#### Task description:
Would you return exactly the lines from the top of the data below through the one containing "Support 2 Length [instance]", leaving out the pictures?

#### Saved data entries:
───

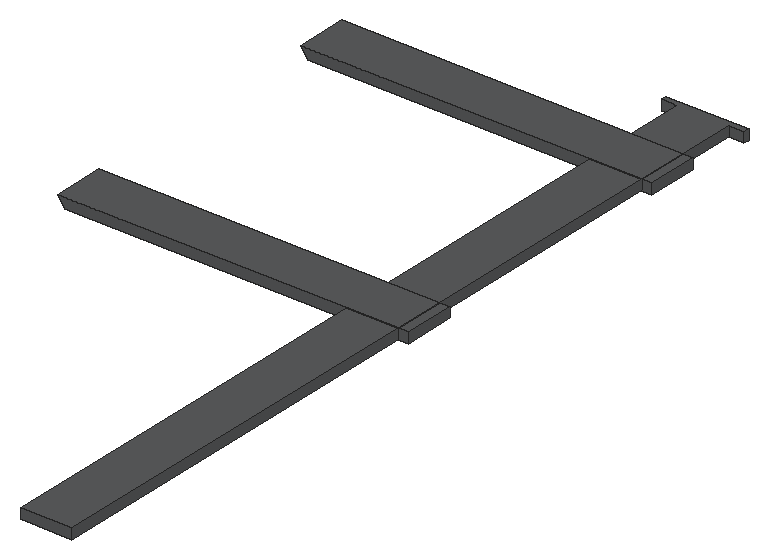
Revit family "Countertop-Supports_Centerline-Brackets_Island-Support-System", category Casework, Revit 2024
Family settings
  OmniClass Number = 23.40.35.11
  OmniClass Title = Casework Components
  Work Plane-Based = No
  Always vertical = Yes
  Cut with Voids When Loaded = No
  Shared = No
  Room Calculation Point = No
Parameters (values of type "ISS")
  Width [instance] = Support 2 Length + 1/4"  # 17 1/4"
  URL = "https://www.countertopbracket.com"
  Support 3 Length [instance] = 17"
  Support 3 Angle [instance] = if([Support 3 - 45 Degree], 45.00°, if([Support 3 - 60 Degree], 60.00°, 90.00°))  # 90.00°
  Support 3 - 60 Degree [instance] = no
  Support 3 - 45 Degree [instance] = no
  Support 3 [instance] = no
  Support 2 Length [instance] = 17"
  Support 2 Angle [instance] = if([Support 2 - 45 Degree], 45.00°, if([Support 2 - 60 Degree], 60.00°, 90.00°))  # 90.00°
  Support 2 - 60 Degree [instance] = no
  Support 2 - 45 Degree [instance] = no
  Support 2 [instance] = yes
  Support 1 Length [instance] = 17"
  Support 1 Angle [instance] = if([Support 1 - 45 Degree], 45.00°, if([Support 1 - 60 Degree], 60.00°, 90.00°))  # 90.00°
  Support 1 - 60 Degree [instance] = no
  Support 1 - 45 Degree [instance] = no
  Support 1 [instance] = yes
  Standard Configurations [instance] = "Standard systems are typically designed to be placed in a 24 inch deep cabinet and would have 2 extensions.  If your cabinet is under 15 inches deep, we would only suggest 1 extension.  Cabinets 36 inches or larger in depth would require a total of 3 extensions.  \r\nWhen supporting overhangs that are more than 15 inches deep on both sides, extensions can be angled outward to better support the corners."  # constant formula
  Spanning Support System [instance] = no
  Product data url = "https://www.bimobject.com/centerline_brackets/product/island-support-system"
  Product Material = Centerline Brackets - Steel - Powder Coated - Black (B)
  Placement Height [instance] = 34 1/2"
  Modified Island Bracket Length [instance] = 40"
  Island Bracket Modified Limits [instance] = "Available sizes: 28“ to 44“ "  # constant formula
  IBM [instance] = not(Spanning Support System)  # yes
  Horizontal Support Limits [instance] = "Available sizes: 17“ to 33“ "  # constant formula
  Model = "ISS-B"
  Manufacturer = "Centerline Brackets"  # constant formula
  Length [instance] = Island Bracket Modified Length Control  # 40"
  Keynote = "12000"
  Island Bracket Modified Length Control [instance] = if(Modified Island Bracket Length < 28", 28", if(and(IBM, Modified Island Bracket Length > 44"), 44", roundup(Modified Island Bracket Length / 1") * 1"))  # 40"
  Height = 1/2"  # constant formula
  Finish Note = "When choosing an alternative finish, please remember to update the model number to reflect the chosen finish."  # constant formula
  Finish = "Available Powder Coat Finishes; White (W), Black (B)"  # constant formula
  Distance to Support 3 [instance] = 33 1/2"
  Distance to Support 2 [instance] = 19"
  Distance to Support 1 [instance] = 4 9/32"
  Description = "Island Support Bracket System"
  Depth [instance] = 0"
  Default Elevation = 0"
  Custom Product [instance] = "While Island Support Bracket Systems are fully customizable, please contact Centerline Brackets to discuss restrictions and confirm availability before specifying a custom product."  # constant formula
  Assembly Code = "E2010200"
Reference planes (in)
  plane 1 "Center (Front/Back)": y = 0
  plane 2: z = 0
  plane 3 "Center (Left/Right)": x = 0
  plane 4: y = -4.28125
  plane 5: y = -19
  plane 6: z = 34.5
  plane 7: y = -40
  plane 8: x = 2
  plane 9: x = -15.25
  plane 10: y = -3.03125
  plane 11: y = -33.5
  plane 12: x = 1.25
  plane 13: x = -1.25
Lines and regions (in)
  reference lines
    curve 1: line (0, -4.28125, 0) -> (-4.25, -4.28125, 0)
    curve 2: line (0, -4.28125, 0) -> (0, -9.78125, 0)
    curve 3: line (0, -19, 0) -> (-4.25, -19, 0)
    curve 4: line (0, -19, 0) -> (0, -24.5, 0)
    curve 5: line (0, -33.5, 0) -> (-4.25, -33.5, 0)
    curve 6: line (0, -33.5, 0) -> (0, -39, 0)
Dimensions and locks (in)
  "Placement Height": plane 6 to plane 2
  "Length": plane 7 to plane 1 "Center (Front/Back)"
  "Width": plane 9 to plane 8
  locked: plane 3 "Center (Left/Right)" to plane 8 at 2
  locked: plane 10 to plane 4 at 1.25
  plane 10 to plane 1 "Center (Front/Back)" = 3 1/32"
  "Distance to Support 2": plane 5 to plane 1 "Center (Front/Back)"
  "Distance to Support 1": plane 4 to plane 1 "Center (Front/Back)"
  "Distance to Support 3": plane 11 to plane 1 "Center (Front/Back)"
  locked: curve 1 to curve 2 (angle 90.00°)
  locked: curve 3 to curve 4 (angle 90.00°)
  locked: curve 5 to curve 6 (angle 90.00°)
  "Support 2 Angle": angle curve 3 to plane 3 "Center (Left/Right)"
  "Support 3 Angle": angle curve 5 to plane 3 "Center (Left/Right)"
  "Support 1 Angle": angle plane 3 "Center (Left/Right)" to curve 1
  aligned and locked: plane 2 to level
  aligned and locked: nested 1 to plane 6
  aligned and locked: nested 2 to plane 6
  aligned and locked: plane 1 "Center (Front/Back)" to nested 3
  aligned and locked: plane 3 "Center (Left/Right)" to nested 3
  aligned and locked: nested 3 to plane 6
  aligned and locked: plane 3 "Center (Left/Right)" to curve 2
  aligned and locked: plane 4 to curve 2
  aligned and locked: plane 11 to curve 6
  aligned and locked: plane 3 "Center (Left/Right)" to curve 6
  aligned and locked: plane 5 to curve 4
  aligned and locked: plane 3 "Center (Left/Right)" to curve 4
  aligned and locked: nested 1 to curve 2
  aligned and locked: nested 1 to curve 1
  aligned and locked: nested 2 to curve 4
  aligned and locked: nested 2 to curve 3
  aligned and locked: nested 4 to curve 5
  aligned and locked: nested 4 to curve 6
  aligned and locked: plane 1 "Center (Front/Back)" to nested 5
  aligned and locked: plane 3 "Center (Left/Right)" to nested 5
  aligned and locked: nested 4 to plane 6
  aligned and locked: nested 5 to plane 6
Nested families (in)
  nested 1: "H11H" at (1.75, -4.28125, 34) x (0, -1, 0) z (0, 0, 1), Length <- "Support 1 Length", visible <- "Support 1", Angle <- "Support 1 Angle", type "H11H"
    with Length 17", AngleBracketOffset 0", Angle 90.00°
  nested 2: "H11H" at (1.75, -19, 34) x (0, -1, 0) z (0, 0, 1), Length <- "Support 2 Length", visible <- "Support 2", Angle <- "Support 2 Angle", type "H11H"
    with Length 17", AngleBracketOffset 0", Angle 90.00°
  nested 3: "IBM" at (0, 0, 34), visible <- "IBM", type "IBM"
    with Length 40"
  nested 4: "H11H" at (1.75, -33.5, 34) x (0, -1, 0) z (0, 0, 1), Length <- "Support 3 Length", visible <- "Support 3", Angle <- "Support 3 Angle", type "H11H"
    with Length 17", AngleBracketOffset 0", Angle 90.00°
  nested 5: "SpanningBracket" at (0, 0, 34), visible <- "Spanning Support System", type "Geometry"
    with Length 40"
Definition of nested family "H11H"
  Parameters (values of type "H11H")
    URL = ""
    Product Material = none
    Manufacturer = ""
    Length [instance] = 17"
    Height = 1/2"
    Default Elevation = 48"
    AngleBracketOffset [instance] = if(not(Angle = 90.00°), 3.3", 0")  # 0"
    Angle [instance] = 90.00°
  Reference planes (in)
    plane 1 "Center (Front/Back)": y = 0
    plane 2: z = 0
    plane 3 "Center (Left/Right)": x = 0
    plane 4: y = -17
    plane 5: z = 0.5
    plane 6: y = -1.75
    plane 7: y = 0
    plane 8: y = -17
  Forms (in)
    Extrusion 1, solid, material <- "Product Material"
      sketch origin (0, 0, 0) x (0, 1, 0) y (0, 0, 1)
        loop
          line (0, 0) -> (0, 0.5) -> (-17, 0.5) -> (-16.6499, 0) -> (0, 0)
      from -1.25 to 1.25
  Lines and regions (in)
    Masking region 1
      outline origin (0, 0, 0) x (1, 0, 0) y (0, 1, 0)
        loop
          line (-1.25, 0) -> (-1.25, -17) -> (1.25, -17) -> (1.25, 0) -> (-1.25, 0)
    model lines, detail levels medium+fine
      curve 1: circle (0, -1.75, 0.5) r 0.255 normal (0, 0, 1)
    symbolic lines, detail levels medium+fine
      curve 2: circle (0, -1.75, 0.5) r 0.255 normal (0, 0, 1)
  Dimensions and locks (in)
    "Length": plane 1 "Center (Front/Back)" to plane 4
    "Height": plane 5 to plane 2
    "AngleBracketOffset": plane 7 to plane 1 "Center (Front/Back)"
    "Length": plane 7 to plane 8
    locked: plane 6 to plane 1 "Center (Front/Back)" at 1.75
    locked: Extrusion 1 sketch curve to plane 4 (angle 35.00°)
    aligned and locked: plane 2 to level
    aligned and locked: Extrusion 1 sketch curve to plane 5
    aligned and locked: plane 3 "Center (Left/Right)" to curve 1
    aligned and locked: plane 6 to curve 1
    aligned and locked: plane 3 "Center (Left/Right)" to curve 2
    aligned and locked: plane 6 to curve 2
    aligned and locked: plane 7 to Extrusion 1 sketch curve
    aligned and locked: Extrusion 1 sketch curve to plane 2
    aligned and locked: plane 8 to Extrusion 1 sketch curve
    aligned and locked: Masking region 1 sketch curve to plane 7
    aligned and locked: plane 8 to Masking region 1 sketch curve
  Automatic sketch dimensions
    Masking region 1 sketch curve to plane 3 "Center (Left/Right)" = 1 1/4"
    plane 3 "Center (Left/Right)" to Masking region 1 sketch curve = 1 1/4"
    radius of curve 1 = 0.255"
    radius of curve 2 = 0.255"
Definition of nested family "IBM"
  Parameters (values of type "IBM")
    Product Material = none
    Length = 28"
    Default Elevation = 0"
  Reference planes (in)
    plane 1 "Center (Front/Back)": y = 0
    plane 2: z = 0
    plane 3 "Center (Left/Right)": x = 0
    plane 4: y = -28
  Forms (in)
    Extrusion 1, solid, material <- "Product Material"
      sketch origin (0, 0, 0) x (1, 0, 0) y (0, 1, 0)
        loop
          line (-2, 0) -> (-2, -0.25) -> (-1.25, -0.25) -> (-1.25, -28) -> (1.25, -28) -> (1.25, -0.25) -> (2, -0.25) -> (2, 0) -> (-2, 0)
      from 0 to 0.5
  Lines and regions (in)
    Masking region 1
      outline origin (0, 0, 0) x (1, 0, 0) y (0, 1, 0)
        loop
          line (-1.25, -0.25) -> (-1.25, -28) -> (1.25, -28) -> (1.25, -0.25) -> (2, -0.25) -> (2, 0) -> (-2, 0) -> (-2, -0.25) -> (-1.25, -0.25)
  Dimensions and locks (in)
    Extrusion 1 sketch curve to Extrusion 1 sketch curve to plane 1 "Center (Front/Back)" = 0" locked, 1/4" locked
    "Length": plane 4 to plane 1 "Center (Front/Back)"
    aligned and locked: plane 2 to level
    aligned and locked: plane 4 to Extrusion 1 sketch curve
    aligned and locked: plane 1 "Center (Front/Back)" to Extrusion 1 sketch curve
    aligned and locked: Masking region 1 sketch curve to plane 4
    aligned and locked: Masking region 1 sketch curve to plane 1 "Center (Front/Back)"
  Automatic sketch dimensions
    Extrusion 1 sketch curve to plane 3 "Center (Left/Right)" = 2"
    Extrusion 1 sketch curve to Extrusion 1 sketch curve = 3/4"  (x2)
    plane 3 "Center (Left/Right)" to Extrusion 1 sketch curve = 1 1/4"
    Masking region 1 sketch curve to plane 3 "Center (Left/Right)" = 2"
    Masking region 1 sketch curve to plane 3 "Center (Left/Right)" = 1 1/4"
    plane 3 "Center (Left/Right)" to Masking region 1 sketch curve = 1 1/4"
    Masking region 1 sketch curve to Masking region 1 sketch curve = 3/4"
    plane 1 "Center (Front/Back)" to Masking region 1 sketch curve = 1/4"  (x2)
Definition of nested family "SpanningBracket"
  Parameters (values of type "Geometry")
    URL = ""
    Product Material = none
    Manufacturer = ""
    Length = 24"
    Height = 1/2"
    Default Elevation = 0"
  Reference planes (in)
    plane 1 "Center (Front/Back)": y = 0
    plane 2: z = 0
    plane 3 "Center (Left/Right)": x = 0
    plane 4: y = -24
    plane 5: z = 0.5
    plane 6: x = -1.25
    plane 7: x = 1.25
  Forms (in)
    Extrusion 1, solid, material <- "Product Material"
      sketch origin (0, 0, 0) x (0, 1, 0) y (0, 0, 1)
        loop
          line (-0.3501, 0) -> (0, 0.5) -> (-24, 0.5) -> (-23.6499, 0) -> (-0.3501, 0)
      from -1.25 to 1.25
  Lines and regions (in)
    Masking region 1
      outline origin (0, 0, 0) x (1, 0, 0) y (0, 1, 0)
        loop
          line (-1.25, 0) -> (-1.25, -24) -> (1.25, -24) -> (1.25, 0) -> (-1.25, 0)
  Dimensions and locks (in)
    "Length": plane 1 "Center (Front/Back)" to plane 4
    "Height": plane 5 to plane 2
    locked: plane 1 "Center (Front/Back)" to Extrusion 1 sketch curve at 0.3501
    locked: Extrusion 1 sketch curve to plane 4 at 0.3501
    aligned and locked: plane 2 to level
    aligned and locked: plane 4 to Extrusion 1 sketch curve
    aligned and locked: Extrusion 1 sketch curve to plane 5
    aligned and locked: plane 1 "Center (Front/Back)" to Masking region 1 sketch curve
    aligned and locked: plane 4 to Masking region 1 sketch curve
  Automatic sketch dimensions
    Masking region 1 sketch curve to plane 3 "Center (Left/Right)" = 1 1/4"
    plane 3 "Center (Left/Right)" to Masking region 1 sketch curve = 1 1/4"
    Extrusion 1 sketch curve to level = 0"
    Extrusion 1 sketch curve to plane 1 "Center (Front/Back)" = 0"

───

#### Finished exercise:
Revit family "Countertop-Supports_Centerline-Brackets_Island-Support-System", category Casework, Revit 2024
Family settings
  OmniClass Number = 23.40.35.11
  OmniClass Title = Casework Components
  Work Plane-Based = No
  Always vertical = Yes
  Cut with Voids When Loaded = No
  Shared = No
  Room Calculation Point = No
Parameters (values of type "ISS")
  Width [instance] = Support 2 Length + 1/4"  # 17 1/4"
  URL = "https://www.countertopbracket.com"
  Support 3 Length [instance] = 17"
  Support 3 Angle [instance] = if([Support 3 - 45 Degree], 45.00°, if([Support 3 - 60 Degree], 60.00°, 90.00°))  # 90.00°
  Support 3 - 60 Degree [instance] = no
  Support 3 - 45 Degree [instance] = no
  Support 3 [instance] = no
  Support 2 Length [instance] = 17"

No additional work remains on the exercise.